In the days before the modern supermarket adopted a one-size-fits-all approach to food distribution, consumers purchased their cheese, meat, vegetables and other goods from individual businesses specializing in one or two products at most. What they sacrificed in convenience by not having everything under one roof they gained in the quality of service and expertise they received at these smaller, family-run operations.
Situated on a sunny street corner in the historic neighborhood of Almagro in Buenos Aires, La Casa de Las Aceitunas (The Olive House) is one of those rare places that maintain the age-old tradition of the neighborhood shop, its identity inextricably tied to the past. Even in a city rife with nostalgia, where crumbling European-style haciendas offer constant reminders of its glory days, this unique locale is a dusty gem you’d be hard pressed to find anywhere else.

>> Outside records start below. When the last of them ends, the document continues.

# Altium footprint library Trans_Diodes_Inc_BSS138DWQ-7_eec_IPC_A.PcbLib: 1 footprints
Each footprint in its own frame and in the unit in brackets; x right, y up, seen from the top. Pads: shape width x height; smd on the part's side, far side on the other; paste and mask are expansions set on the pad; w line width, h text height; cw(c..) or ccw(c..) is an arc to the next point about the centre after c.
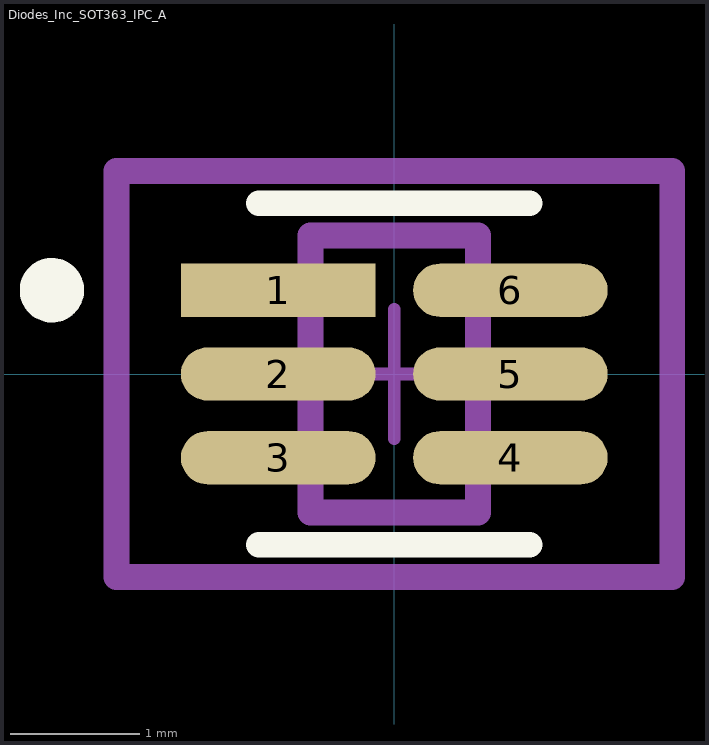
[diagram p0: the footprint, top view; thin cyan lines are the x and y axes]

## Diodes_Inc_SOT363_IPC_A [mm]
pads (6):
  rect 1.51x0.412 smd paste+0 mask+0: 1(-0.901,0.65)
  rrect100% 1.51x0.412 smd paste+0 mask+0: 2(-0.901,0) 3(-0.901,-0.65) 4(0.901,-0.65) 5(0.901,0) 6(0.901,0.65)
Top Overlay:
  circle w0.25: c-2.656,0.65 r0.125
  lines w0.2: -1.05,-1.325 1.05,-1.325 ; -1.05,1.325 1.05,1.325
Mechanical 10:
  lines w0.2: -2.156,-1.575 2.156,-1.575 2.156,1.575 -2.156,1.575 -2.156,-1.575
  text ".Designator" at 0,0.188 h1
Mechanical 12:
  lines w0.2: -0.65,-1.075 0.65,-1.075 0.65,1.075 -0.65,1.075 -0.65,-1.075
Mechanical 15:
  lines w0.1: -0.5,0 0.5,0 ; 0,-0.5 0,0.5
  lines w0.2: -2.156,-1.575 2.156,-1.575 2.156,1.575 -2.156,1.575 -2.156,-1.575
3D body "Trans_Diodes_Inc_BSS138DWQ-7_eec.STEP": height 0.25, standoff 0, extent -2.156,-1.575 2.156,1.575

Upon entering, the palpable aroma of fresh olives emanating from the dozen 40-gallon barrels that crowd the floor immediately draws you in. Dusty jars filled with pickled this and that line the shelves, from which old portraits of Argentine celebrities hang, modest testaments to the store’s local prestige. One shelf is dedicated entirely to olive oil, which is sold according to size in bottles bearing the family name.
Liliana Katsaounis represents the third generation and first female in a line of devoted owners at La Casa de Las Aceitunas, which has occupied the same building since its founding. Her great-uncle Constantino, a Greek immigrant who had sold cointreau and wine in the old country, opened the store in August of 1958 and soon partnered up with Liliana’s father. Together they worked year in year out to establish a loyal clientele of olive lovers until their near-simultaneous deaths in 1995.
“At that time in ’58,” Liliana told us one morning before busy hours, “you had the central market of Abasto on Avenida Corrientes, and each business in the neighborhood specialized in certain products. You had places that sold cheese, olives, wine, anything really. In the case of my great-uncle, he decided to sell olives exclusively. And it stayed that way until my husband and I officially took over in 2000. We had to adapt to the times a little to fit changes in consumer habits and the economic realities in this country. That’s why we started selling kosher products.”
Almagro is home to one of the largest Jewish populations in Buenos Aires, and La Casa de Las Aceitunas happens to be one of the only places in the city where you can find the big, juicy black olives central to Israeli and Mediterranean cuisine.
“Our olives come from two main provinces in Argentina,” she explains. “80 per cent come from Mendoza; these are the standard green olives we offer. The remaining 20 per cent are black olives from La Rioja province, where they flourish. This has to do with climatic differences between the two regions. It’s these black olives, called negras naturales, that attract so many Jewish consumers.” In addition, La Casa de Las Aceitunas imports hummus, tabbouleh, couscous and other regional products popular among this group.